* YOUR ASSIGNMENT: Without including any pictures, write out all the entries exactly.
━━ INFORMATION GIVEN
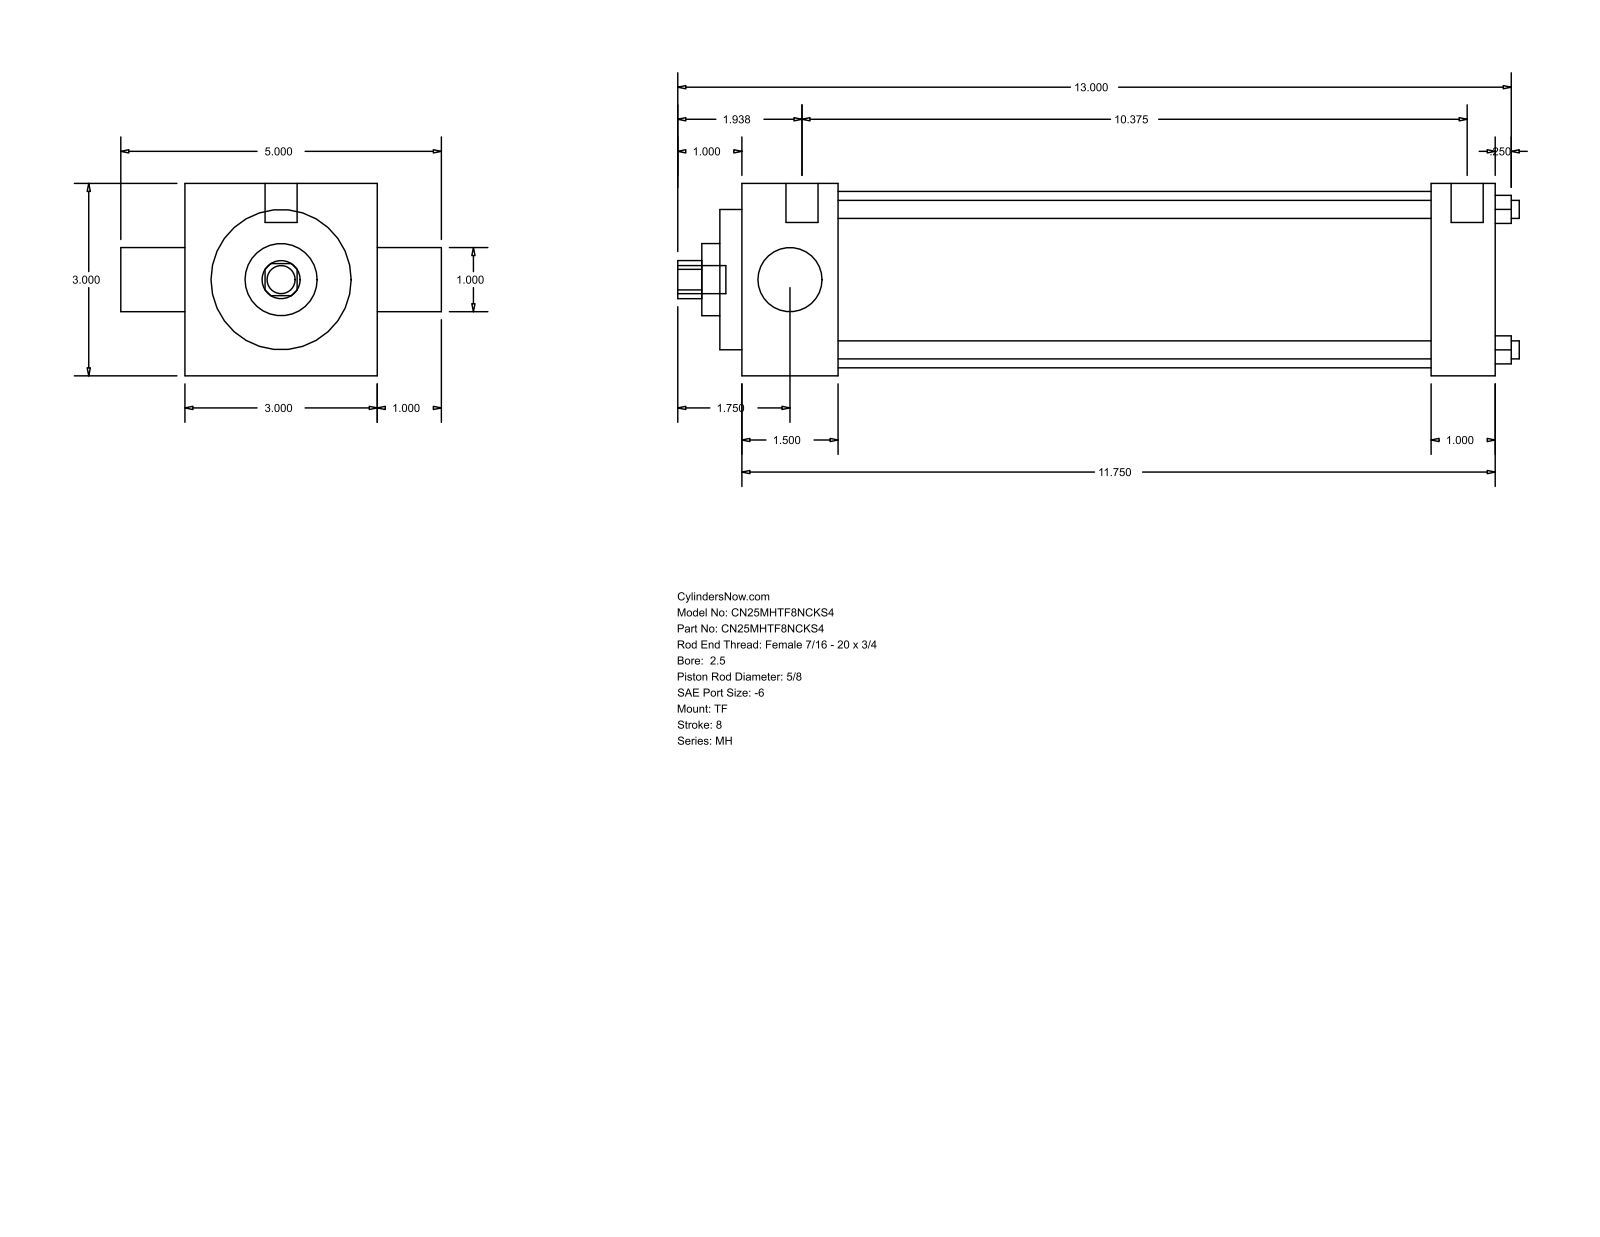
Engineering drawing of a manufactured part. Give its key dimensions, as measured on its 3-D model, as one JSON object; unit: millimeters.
{"part_name": "MH_TF__0250_0.625", "step_written_by": "GSSL Pune (CONFIG_CONTROL_DESIGN)", "units": "millimeters", "bodies": {"solids": 0, "faces": 86, "planar": 61, "cylindrical": 25, "other": 0}, "overall_size": [333.38, 127, 76.2], "round_holes": [[7.14, 4], [15.88, 1], [25.4, 1], [28.57, 1], [55.55, 1], [69.85, 1]], "round_bosses_or_shafts": [[5.56, 3], [12.7, 2], [11.11, 1]], "partial_cylinders_radius": [[7.54, 1]], "face_to_face_distances": [76.2, 298.45, 25.4, 38.1, 260.35, 273.05, 234.95, 8.73, 46.83, 281.78], "hole_center_spacings": [39.33, 55.62, 78.66]}
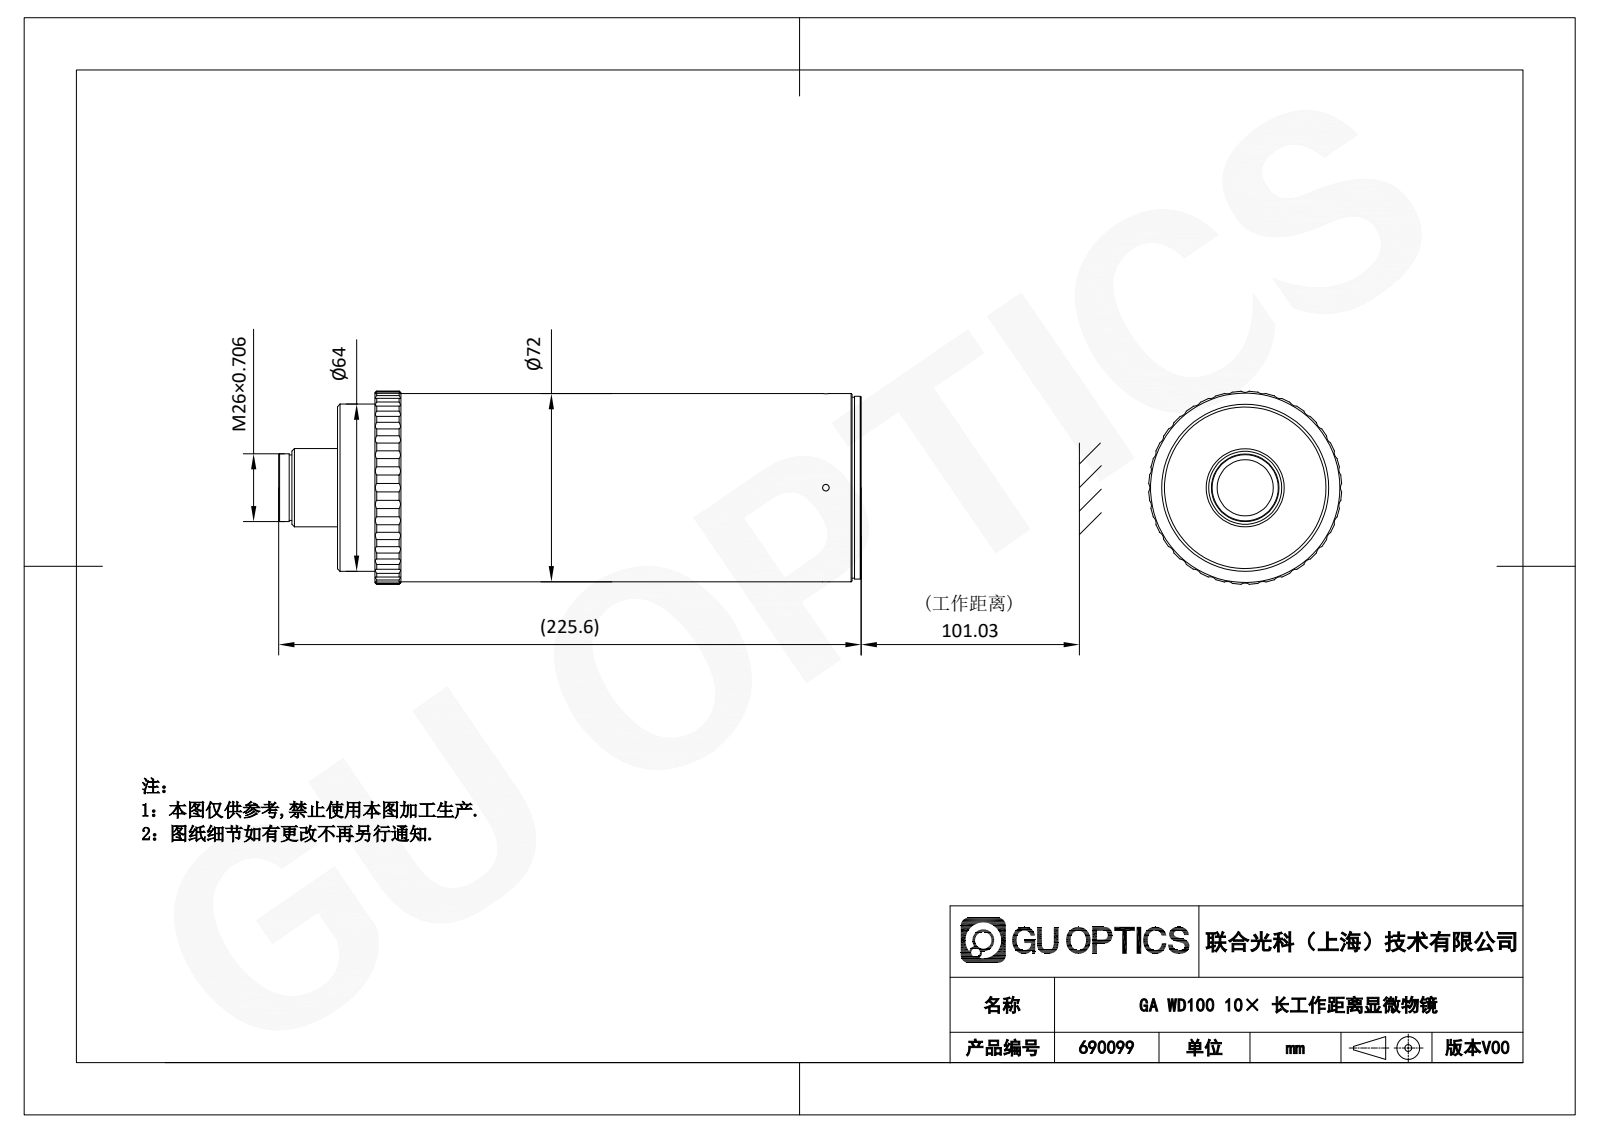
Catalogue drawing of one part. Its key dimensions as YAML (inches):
part_name: "690099"
step_written_by: "SolidWorks 2020 (CONFIG_CONTROL_DESIGN)"
units: inches
bodies: {solids: 1, faces: 501, planar: 120, cylindrical: 141, other: 240}
overall_size: [8.78, 2.911, 2.911]
volume: 10.25
surface_area: 161.2
round_holes:
  - {diameter: 0.098, count: 2}
  - {diameter: 0.689, count: 1}
  - {diameter: 0.787, count: 1}
  - {diameter: 0.846, count: 1}
  - {diameter: 0.872, count: 1}
  - {diameter: 0.945, count: 1}
  - {diameter: 2.244, count: 1}
  - {diameter: 2.48, count: 1}
  - {diameter: 2.618, count: 1}
round_bosses_or_shafts:
  - {diameter: 2.835, count: 1}
  - {diameter: 2.756, count: 1}
  - {diameter: 2.724, count: 1}
  - {diameter: 2.52, count: 1}
  - {diameter: 1.181, count: 1}
  - {diameter: 1.024, count: 1}
  - {diameter: 0.984, count: 1}
partial_cylinders:
  - {radius: 0.118, count: 36}
  - {radius: 1.418, count: 1}
  - {radius: 1.457, count: 1}
face_to_face_distances: [0.079, 7.815, 7.736, 7.685, 7.606, 0.13, 0.433, 0.563, 7.252, 7.173]
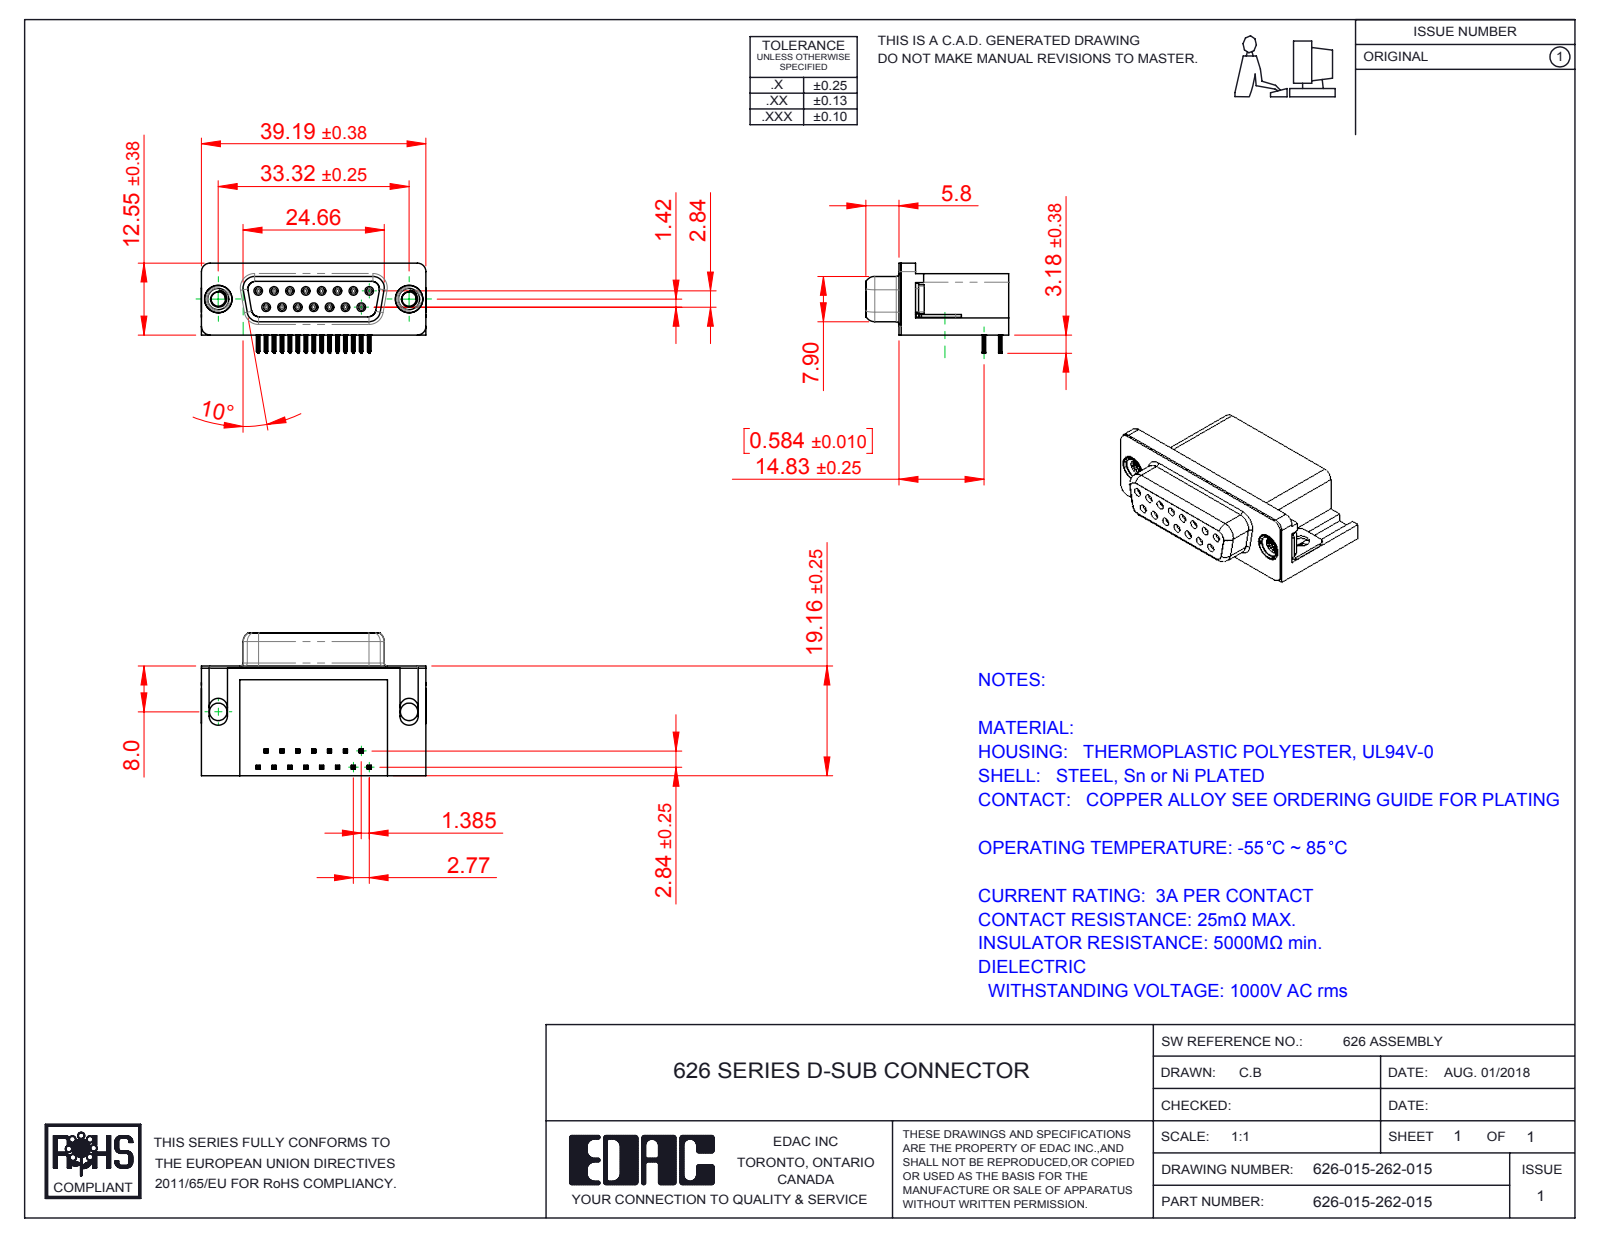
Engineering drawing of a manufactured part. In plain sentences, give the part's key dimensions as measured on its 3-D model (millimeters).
The part is named "626 Contact Bottom; 626-015-262-015; 626 Contact Top; 626 M3 Threaded Rivet (+3 more)". Its 3-D file was written by "SolidWorks 2016 (CONFIG_CONTROL_DESIGN)". It is 21 solids with 2425 faces: 1072 planar, 609 cylindrical and 744 other. Overall it measures 39.22 by 24.96 by 15.73 millimeters. Its volume is 7 238 cubic millimeters and its surface area 8 020 square millimeters. Round holes: 15 of diameter 0.8, 15 of diameter 0.9, 2 of diameter 2.5, 2 of diameter 3.05, 2 of diameter 4, 2 of diameter 4.8, 2 of diameter 5. Round bosses or shafts: 15 of diameter 1.2, 2 of diameter 4.9, 2 of diameter 4.75, 2 of diameter 3.9. Partial cylindrical surfaces (rounded edges, fillets, slot ends): 120 of radius 0.1, 60 of radius 0.15, 30 of radius 0.35, 18 of radius 1, 15 of radius 0.34, 8 of radius 0.25, 8 of radius 1.35, 8 of radius 1.6. The main face-to-face distances are 0.4, 10.35, 0.35, 18.76, 2.73, 6.2, 19.16, 10.7, 9.38, 3.18. The hole center spacings are 3.16, 2.77, 5.54, 8.31, 11.08, 5.03, 5.04, 7.48.
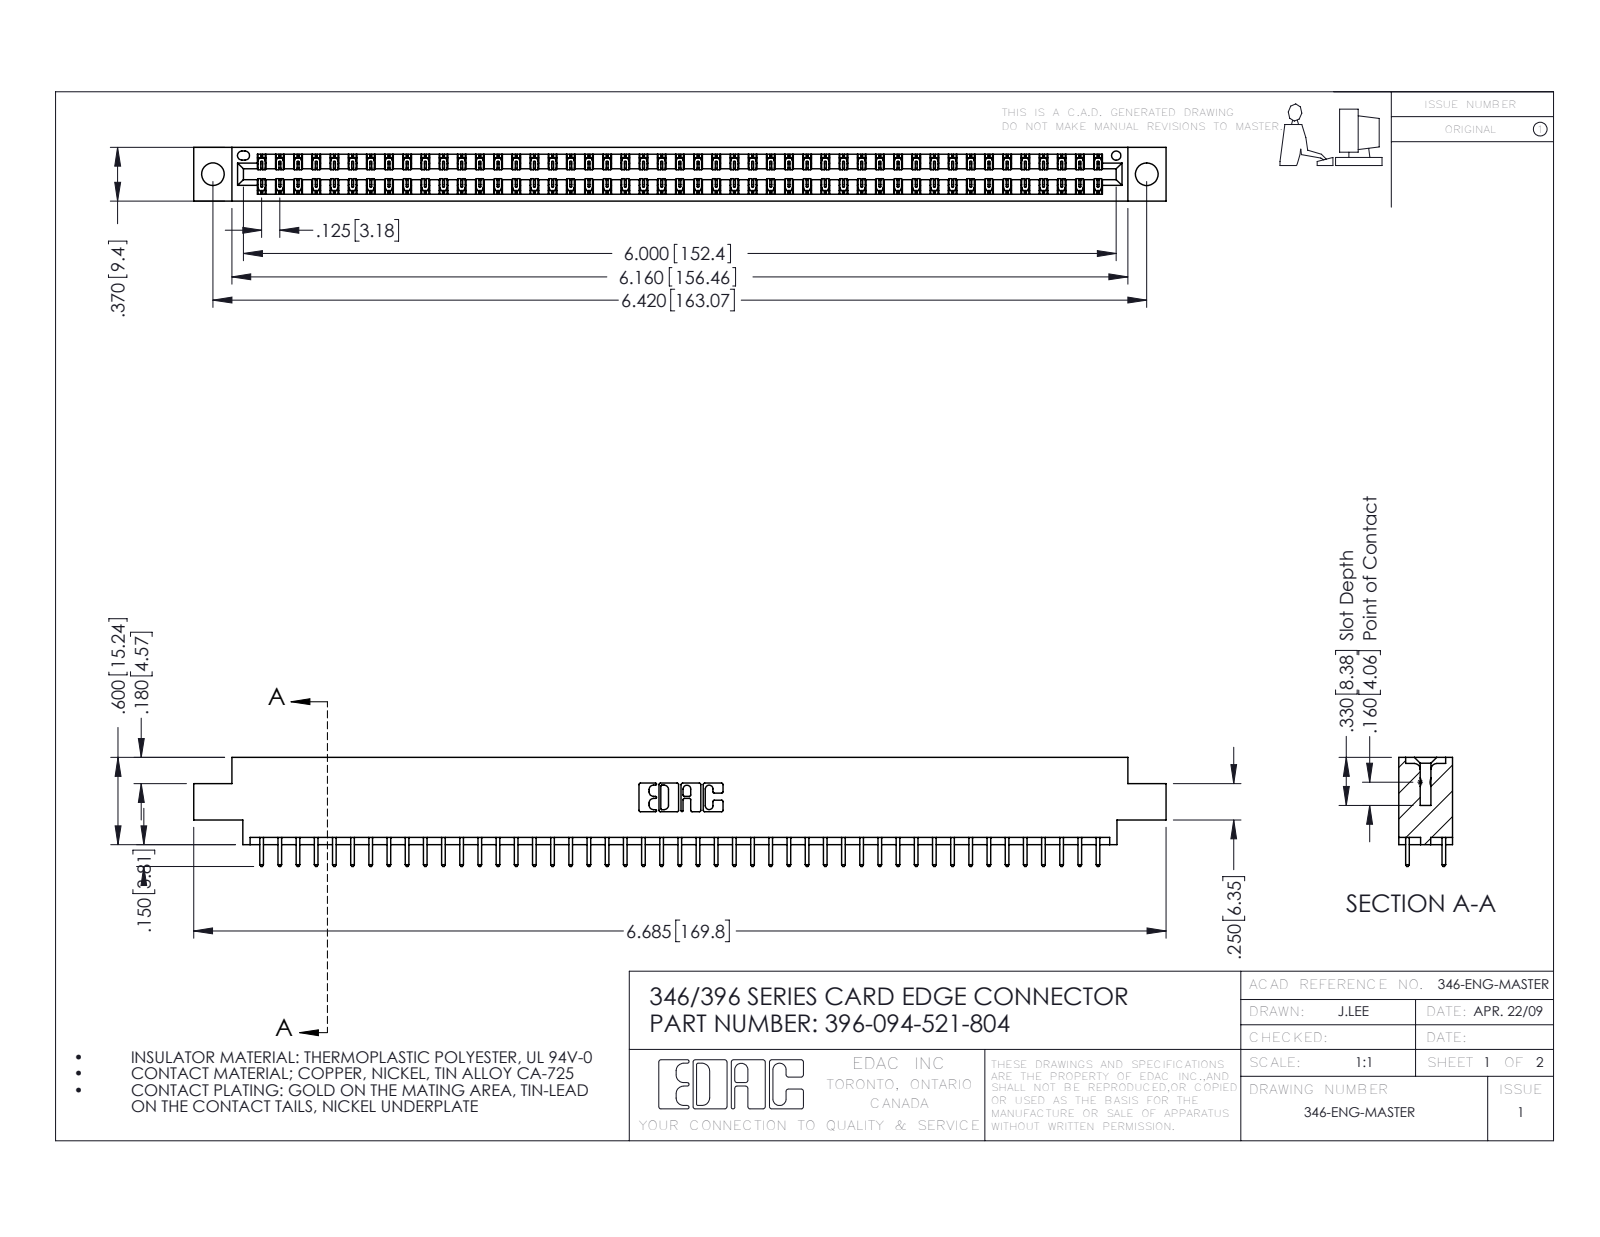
━━━━
* COMPLETED EXERCISE:
Engineering drawing of a manufactured part. Give its key dimensions, as measured on its 3-D model, as one JSON object; unit: millimeters.
{"part_name": "MH_TF__0250_0.625", "step_written_by": "GSSL Pune (CONFIG_CONTROL_DESIGN)", "units": "millimeters", "bodies": {"solids": 0, "faces": 86, "planar": 61, "cylindrical": 25, "other": 0}, "overall_size": [333.38, 127, 76.2], "round_holes": [[7.14, 4], [15.88, 1], [25.4, 1], [28.57, 1], [55.55, 1], [69.85, 1]], "round_bosses_or_shafts": [[5.56, 3], [12.7, 2], [11.11, 1]], "partial_cylinders_radius": [[7.54, 1]], "face_to_face_distances": [76.2, 298.45, 25.4, 38.1, 260.35, 273.05, 234.95, 8.73, 46.83, 281.78], "hole_center_spacings": [39.33, 55.62, 78.66]}
Catalogue drawing of one part. Its key dimensions as YAML (inches):
part_name: "690099"
step_written_by: "SolidWorks 2020 (CONFIG_CONTROL_DESIGN)"
units: inches
bodies: {solids: 1, faces: 501, planar: 120, cylindrical: 141, other: 240}
overall_size: [8.78, 2.911, 2.911]
volume: 10.25
surface_area: 161.2
round_holes:
  - {diameter: 0.098, count: 2}
  - {diameter: 0.689, count: 1}
  - {diameter: 0.787, count: 1}
  - {diameter: 0.846, count: 1}
  - {diameter: 0.872, count: 1}
  - {diameter: 0.945, count: 1}
  - {diameter: 2.244, count: 1}
  - {diameter: 2.48, count: 1}
  - {diameter: 2.618, count: 1}
round_bosses_or_shafts:
  - {diameter: 2.835, count: 1}
  - {diameter: 2.756, count: 1}
  - {diameter: 2.724, count: 1}
  - {diameter: 2.52, count: 1}
  - {diameter: 1.181, count: 1}
  - {diameter: 1.024, count: 1}
  - {diameter: 0.984, count: 1}
partial_cylinders:
  - {radius: 0.118, count: 36}
  - {radius: 1.418, count: 1}
  - {radius: 1.457, count: 1}
face_to_face_distances: [0.079, 7.815, 7.736, 7.685, 7.606, 0.13, 0.433, 0.563, 7.252, 7.173]
Engineering drawing of a manufactured part. In plain sentences, give the part's key dimensions as measured on its 3-D model (millimeters).
The part is named "626 Contact Bottom; 626-015-262-015; 626 Contact Top; 626 M3 Threaded Rivet (+3 more)". Its 3-D file was written by "SolidWorks 2016 (CONFIG_CONTROL_DESIGN)". It is 21 solids with 2425 faces: 1072 planar, 609 cylindrical and 744 other. Overall it measures 39.22 by 24.96 by 15.73 millimeters. Its volume is 7 238 cubic millimeters and its surface area 8 020 square millimeters. Round holes: 15 of diameter 0.8, 15 of diameter 0.9, 2 of diameter 2.5, 2 of diameter 3.05, 2 of diameter 4, 2 of diameter 4.8, 2 of diameter 5. Round bosses or shafts: 15 of diameter 1.2, 2 of diameter 4.9, 2 of diameter 4.75, 2 of diameter 3.9. Partial cylindrical surfaces (rounded edges, fillets, slot ends): 120 of radius 0.1, 60 of radius 0.15, 30 of radius 0.35, 18 of radius 1, 15 of radius 0.34, 8 of radius 0.25, 8 of radius 1.35, 8 of radius 1.6. The main face-to-face distances are 0.4, 10.35, 0.35, 18.76, 2.73, 6.2, 19.16, 10.7, 9.38, 3.18. The hole center spacings are 3.16, 2.77, 5.54, 8.31, 11.08, 5.03, 5.04, 7.48.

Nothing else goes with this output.